Clouds Computing
Cloud computing
Cloud computing is an information technology (IT) paradigm, a model for enabling ubiquitous access to shared pools of configurable resources (such as computer networks, servers, storage, applications and services), which can be rapidly provisioned with minimal management effort, often over the Internet. Cloud computing allows users and enterprises with various computing capabilities to store and process data either in a privately-owned cloud, or on a third-party server located in a data center - thus making data-accessing mechanisms more efficient and reliable. Cloud computing relies on sharing of resources to achieve coherence and economy of scale, similar to a utility.
Advocates note that cloud computing allows companies to avoid or minimize up-front IT nfrastructure costs. As well, third-party clouds enable organizations to focus on their core businesses instead of expending resources on computer infrastructure and maintenance. Proponents also claim that cloud computing allows enterprises to get their applications up and running faster, with improved manageability and less maintenance, and that it enables IT teams to more rapidly adjust resources to meet fluctuating and unpredictable business demand. Cloud providers typically use a "pay-as-you-go" model.

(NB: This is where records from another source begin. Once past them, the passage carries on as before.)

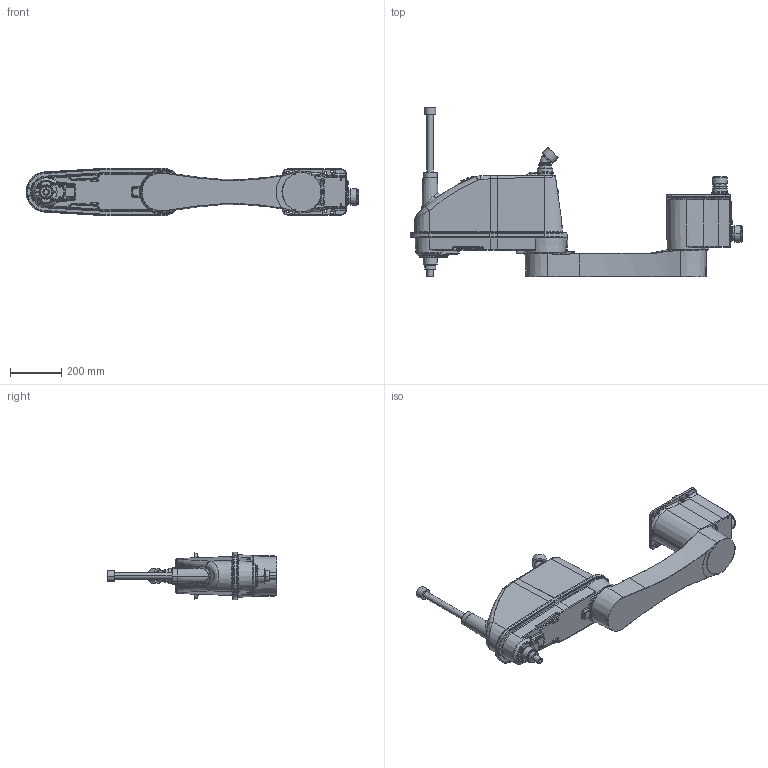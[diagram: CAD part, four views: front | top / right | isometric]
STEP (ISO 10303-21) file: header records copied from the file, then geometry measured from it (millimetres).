
FILE_DESCRIPTION((''),'2;1');
FILE_NAME('THE1000-T_3D_ASM','2025-10-22T11:10:20',('15097'),(''),'CREO PARAMETRIC BY PTC INC, 2020454','CREO PARAMETRIC BY PTC INC, 2020454','');
FILE_SCHEMA(('AUTOMOTIVE_DESIGN { 1 0 10303 214 1 1 1 1 }'));
Products named in the file (5): THE800-T_BASE_ASM2; THE1000-T_1STARM_HP2; THE800-T_2ND_ARM3; THE800-T_BALL_SCREW; THE1000-T_3D_ASM
Assembly tree (4 placements, depth 2):
  THE1000-T_3D_ASM
    THE800-T_BASE_ASM2
    THE1000-T_1STARM_HP2
    THE800-T_2ND_ARM3
    THE800-T_BALL_SCREW
Bounding box: 1301 x 665 x 188 mm (x, y, z)
Volume: 17687911.9 mm3; surface area: 1973718.2 mm2
Topology: 4 solids, 36 shells, 3191 faces, 7567 edges, 4694 vertices
Faces by surface type: plane 1197, cylinder 1136, bspline 334, torus 268, cone 189, sphere 63, revolution 2, extrusion 2
Entity records: 126060 total; most frequent: CARTESIAN_POINT 38504, DIRECTION 15159, ORIENTED_EDGE 15002, EDGE_CURVE 7501, AXIS2_PLACEMENT_3D 5819, VERTEX_POINT 4670, EDGE_LOOP 3599, VECTOR 3504
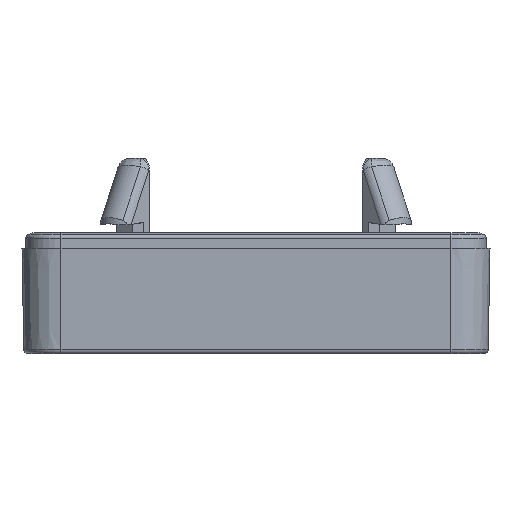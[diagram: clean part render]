
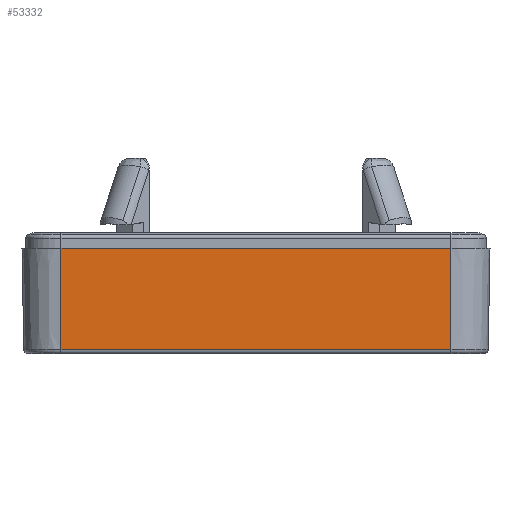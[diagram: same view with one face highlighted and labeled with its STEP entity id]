
A CAD part, left-side view. The second image highlights one B-rep face of the part: STEP entity #53332.
In plain terms, the highlighted planar face has unit normal (-1, 0, -0.018).
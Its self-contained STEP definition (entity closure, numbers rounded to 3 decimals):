
#2295=PLANE('',#57864);
#4565=FACE_OUTER_BOUND('',#7937,.T.);
#7937=EDGE_LOOP('',(#40503,#40504,#40505,#40506));
#13869=LINE('',#89895,#18410);
#13870=LINE('',#89897,#18411);
#13871=LINE('',#89899,#18412);
#13872=LINE('',#89900,#18413);
#18410=VECTOR('',#66236,10.);
#18411=VECTOR('',#66237,10.);
#18412=VECTOR('',#66238,10.);
#18413=VECTOR('',#66239,10.);
#24383=VERTEX_POINT('',#89893);
#24384=VERTEX_POINT('',#89894);
#24385=VERTEX_POINT('',#89896);
#24386=VERTEX_POINT('',#89898);
#30411=EDGE_CURVE('',#24383,#24384,#13869,.T.);
#30412=EDGE_CURVE('',#24385,#24383,#13870,.T.);
#30413=EDGE_CURVE('',#24386,#24385,#13871,.T.);
#30414=EDGE_CURVE('',#24386,#24384,#13872,.T.);
#40503=ORIENTED_EDGE('',*,*,#30411,.F.);
#40504=ORIENTED_EDGE('',*,*,#30412,.F.);
#40505=ORIENTED_EDGE('',*,*,#30413,.F.);
#40506=ORIENTED_EDGE('',*,*,#30414,.T.);
#53332=ADVANCED_FACE('',(#4565),#2295,.F.);
#57864=AXIS2_PLACEMENT_3D('',#89892,#66234,#66235);
#66234=DIRECTION('center_axis',(1.,0.,
0.017));
#66235=DIRECTION('ref_axis',(0.017,0.,-1.));
#66236=DIRECTION('',(0.,1.,0.));
#66237=DIRECTION('',(0.017,0.,-1.));
#66238=DIRECTION('',(0.,-1.,0.));
#66239=DIRECTION('',(0.017,0.,-1.));
#89892=CARTESIAN_POINT('Origin',(-74.,25.,0.));
#89893=CARTESIAN_POINT('',(-73.773,-25.,-13.009));
#89894=CARTESIAN_POINT('',(-73.773,25.,-13.009));
#89895=CARTESIAN_POINT('',(-73.773,19.916,-13.009));
#89896=CARTESIAN_POINT('',(-74.,-25.,0.));
#89897=CARTESIAN_POINT('',(-73.764,-25.,-13.5));
#89898=CARTESIAN_POINT('',(-74.,25.,0.));
#89899=CARTESIAN_POINT('',(-74.,0.,0.));
#89900=CARTESIAN_POINT('',(-73.764,25.,-13.5));
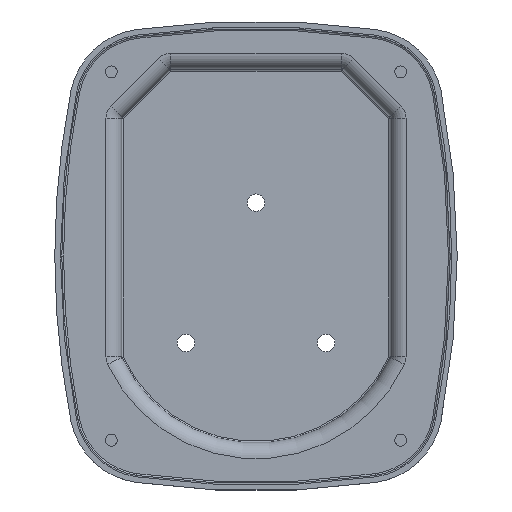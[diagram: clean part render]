
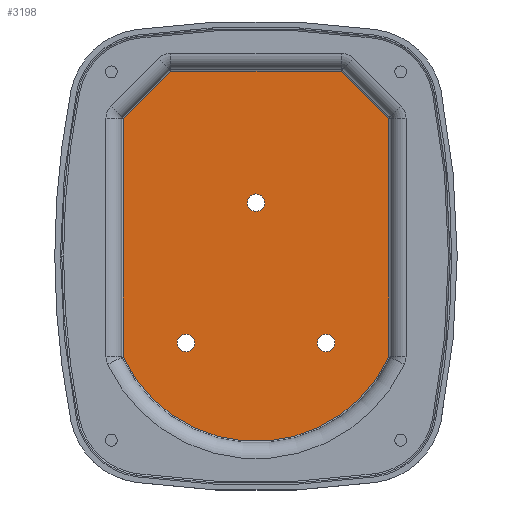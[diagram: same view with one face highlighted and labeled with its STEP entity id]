
A CAD part, top view. The second image highlights one B-rep face of the part: STEP entity #3198.
In plain terms, the highlighted planar face has unit normal (0, 0, 1).
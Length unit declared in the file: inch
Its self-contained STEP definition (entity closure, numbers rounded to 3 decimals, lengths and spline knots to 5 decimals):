
#15 = DIRECTION ( 'NONE',  ( -0.707, -0.707, 0. ) ) ;
#113 = VERTEX_POINT ( 'NONE', #2871 ) ;
#122 = FACE_BOUND ( 'NONE', #3435, .T. ) ;
#222 = VERTEX_POINT ( 'NONE', #984 ) ;
#302 = CIRCLE ( 'NONE', #2232, 0.125 ) ;
#311 = EDGE_CURVE ( 'NONE', #222, #1028, #3981, .T. ) ;
#368 = EDGE_CURVE ( 'NONE', #3072, #1379, #3274, .T. ) ;
#438 = LINE ( 'NONE', #2022, #2990 ) ;
#638 = CARTESIAN_POINT ( 'NONE',  ( 0., -0.55338, -2.375 ) ) ;
#650 = EDGE_CURVE ( 'NONE', #113, #1240, #1569, .T. ) ;
#675 = EDGE_CURVE ( 'NONE', #3553, #3360, #1206, .T. ) ;
#693 = DIRECTION ( 'NONE',  ( 0., 0., 1. ) ) ;
#694 = FACE_OUTER_BOUND ( 'NONE', #907, .T. ) ;
#710 = DIRECTION ( 'NONE',  ( 0., 0., 1. ) ) ;
#755 = EDGE_CURVE ( 'NONE', #1198, #3072, #1878, .T. ) ;
#858 = EDGE_LOOP ( 'NONE', ( #1995, #1295 ) ) ;
#867 = CARTESIAN_POINT ( 'NONE',  ( -0.125, 0.765, -2.375 ) ) ;
#875 = CARTESIAN_POINT ( 'NONE',  ( 1.89, -0.55338, -2.375 ) ) ;
#889 = DIRECTION ( 'NONE',  ( 0., 1., 0. ) ) ;
#907 = EDGE_LOOP ( 'NONE', ( #3531, #3806, #1130, #3674, #957, #4067 ) ) ;
#957 = ORIENTED_EDGE ( 'NONE', *, *, #1414, .T. ) ;
#984 = CARTESIAN_POINT ( 'NONE',  ( -1.125, -1.235, -2.375 ) ) ;
#1028 = VERTEX_POINT ( 'NONE', #1620 ) ;
#1070 = VERTEX_POINT ( 'NONE', #3254 ) ;
#1130 = ORIENTED_EDGE ( 'NONE', *, *, #4200, .T. ) ;
#1132 = ORIENTED_EDGE ( 'NONE', *, *, #311, .F. ) ;
#1198 = VERTEX_POINT ( 'NONE', #3172 ) ;
#1206 = CIRCLE ( 'NONE', #4071, 0.125 ) ;
#1221 = CARTESIAN_POINT ( 'NONE',  ( -1.89, -1.43763, -2.375 ) ) ;
#1240 = VERTEX_POINT ( 'NONE', #867 ) ;
#1258 = LINE ( 'NONE', #1918, #2304 ) ;
#1295 = ORIENTED_EDGE ( 'NONE', *, *, #675, .F. ) ;
#1359 = DIRECTION ( 'NONE',  ( 1., 0., 0. ) ) ;
#1365 = CARTESIAN_POINT ( 'NONE',  ( 1.125, -1.235, -2.375 ) ) ;
#1379 = VERTEX_POINT ( 'NONE', #3581 ) ;
#1414 = EDGE_CURVE ( 'NONE', #2467, #1198, #3231, .T. ) ;
#1447 = VECTOR ( 'NONE', #15, 39.37008 ) ;
#1449 = DIRECTION ( 'NONE',  ( 1., 0., 0. ) ) ;
#1500 = DIRECTION ( 'NONE',  ( 1., 0., 0. ) ) ;
#1513 = CARTESIAN_POINT ( 'NONE',  ( 0., 0.765, -2.375 ) ) ;
#1547 = DIRECTION ( 'NONE',  ( 0., 0., 1. ) ) ;
#1569 = CIRCLE ( 'NONE', #2383, 0.125 ) ;
#1607 = CIRCLE ( 'NONE', #2672, 0.125 ) ;
#1608 = AXIS2_PLACEMENT_3D ( 'NONE', #4219, #2675, #3937 ) ;
#1620 = CARTESIAN_POINT ( 'NONE',  ( -0.875, -1.235, -2.375 ) ) ;
#1664 = ORIENTED_EDGE ( 'NONE', *, *, #3430, .F. ) ;
#1707 = LINE ( 'NONE', #3008, #1447 ) ;
#1786 = CARTESIAN_POINT ( 'NONE',  ( 0., 0.765, -2.375 ) ) ;
#1797 = EDGE_CURVE ( 'NONE', #1379, #1070, #1258, .T. ) ;
#1878 = LINE ( 'NONE', #875, #2400 ) ;
#1918 = CARTESIAN_POINT ( 'NONE',  ( 0., 2.64, -2.375 ) ) ;
#1966 = DIRECTION ( 'NONE',  ( 0., 0., 1. ) ) ;
#1976 = DIRECTION ( 'NONE',  ( 0., -1., 0. ) ) ;
#1995 = ORIENTED_EDGE ( 'NONE', *, *, #3692, .F. ) ;
#2022 = CARTESIAN_POINT ( 'NONE',  ( -1.89, -0.55338, -2.375 ) ) ;
#2061 = CARTESIAN_POINT ( 'NONE',  ( -1., -1.235, -2.375 ) ) ;
#2106 = ORIENTED_EDGE ( 'NONE', *, *, #650, .F. ) ;
#2157 = DIRECTION ( 'NONE',  ( 0., 0., 1. ) ) ;
#2232 = AXIS2_PLACEMENT_3D ( 'NONE', #2692, #693, #3077 ) ;
#2283 = PLANE ( 'NONE',  #4187 ) ;
#2304 = VECTOR ( 'NONE', #4231, 39.37008 ) ;
#2383 = AXIS2_PLACEMENT_3D ( 'NONE', #1513, #2157, #1500 ) ;
#2385 = CARTESIAN_POINT ( 'NONE',  ( -1., -1.235, -2.375 ) ) ;
#2400 = VECTOR ( 'NONE', #889, 39.37008 ) ;
#2467 = VERTEX_POINT ( 'NONE', #1221 ) ;
#2529 = CARTESIAN_POINT ( 'NONE',  ( 1., -1.235, -2.375 ) ) ;
#2591 = VECTOR ( 'NONE', #3364, 39.37008 ) ;
#2612 = EDGE_CURVE ( 'NONE', #2688, #2467, #438, .T. ) ;
#2672 = AXIS2_PLACEMENT_3D ( 'NONE', #2385, #3075, #3720 ) ;
#2675 = DIRECTION ( 'NONE',  ( 0., 0., 1. ) ) ;
#2688 = VERTEX_POINT ( 'NONE', #3027 ) ;
#2690 = CARTESIAN_POINT ( 'NONE',  ( 2.2033, 1.64992, -2.375 ) ) ;
#2692 = CARTESIAN_POINT ( 'NONE',  ( 1., -1.235, -2.375 ) ) ;
#2746 = EDGE_LOOP ( 'NONE', ( #2106, #1664 ) ) ;
#2818 = DIRECTION ( 'NONE',  ( 1., 0., 0. ) ) ;
#2871 = CARTESIAN_POINT ( 'NONE',  ( 0.125, 0.765, -2.375 ) ) ;
#2990 = VECTOR ( 'NONE', #1976, 39.37008 ) ;
#3008 = CARTESIAN_POINT ( 'NONE',  ( -2.2033, 1.64992, -2.375 ) ) ;
#3027 = CARTESIAN_POINT ( 'NONE',  ( -1.89, 1.96322, -2.375 ) ) ;
#3072 = VERTEX_POINT ( 'NONE', #3273 ) ;
#3075 = DIRECTION ( 'NONE',  ( 0., 0., 1. ) ) ;
#3077 = DIRECTION ( 'NONE',  ( 1., 0., 0. ) ) ;
#3172 = CARTESIAN_POINT ( 'NONE',  ( 1.89, -1.43763, -2.375 ) ) ;
#3198 = ADVANCED_FACE ( 'NONE', ( #122, #4215, #3591, #694 ), #2283, .T. ) ;
#3199 = CARTESIAN_POINT ( 'NONE',  ( 0.875, -1.235, -2.375 ) ) ;
#3231 = CIRCLE ( 'NONE', #1608, 2.08663 ) ;
#3254 = CARTESIAN_POINT ( 'NONE',  ( -1.21322, 2.64, -2.375 ) ) ;
#3273 = CARTESIAN_POINT ( 'NONE',  ( 1.89, 1.96322, -2.375 ) ) ;
#3274 = LINE ( 'NONE', #2690, #2591 ) ;
#3284 = DIRECTION ( 'NONE',  ( -1., 0., 0. ) ) ;
#3360 = VERTEX_POINT ( 'NONE', #1365 ) ;
#3364 = DIRECTION ( 'NONE',  ( -0.707, 0.707, 0. ) ) ;
#3430 = EDGE_CURVE ( 'NONE', #1240, #113, #3922, .T. ) ;
#3435 = EDGE_LOOP ( 'NONE', ( #3960, #1132 ) ) ;
#3476 = DIRECTION ( 'NONE',  ( 0., 0., 1. ) ) ;
#3531 = ORIENTED_EDGE ( 'NONE', *, *, #368, .T. ) ;
#3553 = VERTEX_POINT ( 'NONE', #3199 ) ;
#3581 = CARTESIAN_POINT ( 'NONE',  ( 1.21322, 2.64, -2.375 ) ) ;
#3591 = FACE_BOUND ( 'NONE', #2746, .T. ) ;
#3661 = AXIS2_PLACEMENT_3D ( 'NONE', #1786, #3476, #1449 ) ;
#3674 = ORIENTED_EDGE ( 'NONE', *, *, #2612, .T. ) ;
#3692 = EDGE_CURVE ( 'NONE', #3360, #3553, #302, .T. ) ;
#3720 = DIRECTION ( 'NONE',  ( 1., 0., 0. ) ) ;
#3806 = ORIENTED_EDGE ( 'NONE', *, *, #1797, .T. ) ;
#3922 = CIRCLE ( 'NONE', #3661, 0.125 ) ;
#3937 = DIRECTION ( 'NONE',  ( -1., 0., 0. ) ) ;
#3960 = ORIENTED_EDGE ( 'NONE', *, *, #4229, .F. ) ;
#3981 = CIRCLE ( 'NONE', #4234, 0.125 ) ;
#4067 = ORIENTED_EDGE ( 'NONE', *, *, #755, .T. ) ;
#4071 = AXIS2_PLACEMENT_3D ( 'NONE', #2529, #1547, #2818 ) ;
#4187 = AXIS2_PLACEMENT_3D ( 'NONE', #638, #1966, #3284 ) ;
#4200 = EDGE_CURVE ( 'NONE', #1070, #2688, #1707, .T. ) ;
#4215 = FACE_BOUND ( 'NONE', #858, .T. ) ;
#4219 = CARTESIAN_POINT ( 'NONE',  ( 0., -0.55338, -2.375 ) ) ;
#4229 = EDGE_CURVE ( 'NONE', #1028, #222, #1607, .T. ) ;
#4231 = DIRECTION ( 'NONE',  ( -1., 0., 0. ) ) ;
#4234 = AXIS2_PLACEMENT_3D ( 'NONE', #2061, #710, #1359 ) ;

This could lead to unexpectedly high charges if administrators are not familiarized with cloud-pricing models.
In 2009 the availability of high-capacity networks, low-cost computers and storage devices as well as the widespread adoption of hardware virtualization, service-oriented architecture, and autonomic and utility computing led to a growth in cloud computing.[8][9][10] Companies can scale up as computing needs increase and then scale down again when demands decrease. In 2013 it was reported that cloud computing had become a highly demanded service or utility due to the advantages of high computing power, cheap cost of services, high performance, scalability, and accessibility - as well as availability. Some cloud vendors experience growth rates of 50% per year, but while cloud computing remains in a stage of infancy, it has pitfalls that need to be addressed to make cloud-computing services more reliable and user-friendly.
Service Models
Though service-oriented architecture advocates "everything as a service" (with the acronyms EaaS or XaaS, or simply aas), cloud-computing providers offer their "services" according to different models, of which the three standard models per NIST are Infrastructure as a Service (IaaS), Platform as a Service (PaaS), and Software as a Service (SaaS).These models offer increasing abstraction; they are thus often portrayed as a layers in a stack: infrastructure-, platform- and software-as-a-service, but these need not be related. For example, one can provide SaaS implemented on physical machines (bare metal), without using underlying PaaS or IaaS layers, and conversely one can run a program on IaaS and access it directly, without wrapping it as SaaS
1.
Software
as a Service (SaaS). The capability provided to the consumer is to use the provider's
applications running on a cloud infrastructure. The applications are accessible
from various client devices through either a thin client interface, such as a
web browser (e.g., web-based email), or a program interface. The consumer does
not manage or control the underlying cloud infrastructure including network,
servers, operating systems, storage, or even individual application
capabilities, with the possible exception of limited user-specific application
configuration settings.
2.
Platform
as a Service (PaaS). The capability provided to the consumer is to deploy onto the
cloud infrastructure consumer-created or acquired applications created using
programming languages, libraries, services, and tools supported by the
provider. The consumer does not manage or control the underlying cloud
infrastructure including network, servers, operating systems, or storage, but
has control over the deployed applications and possibly configuration settings
for the application-hosting environment.
3.
Infrastructure as a
Service (IaaS). The capability provided to the consumer is to provision
processing, storage, networks, and other fundamental computing resources where
the consumer is able to deploy and run arbitrary software, which can include
operating systems and applications. The consumer does not manage or control the
underlying cloud infrastructure but has control over operating systems,
storage, and deployed applications; and possibly limited control of select
networking components (e.g., host firewalls).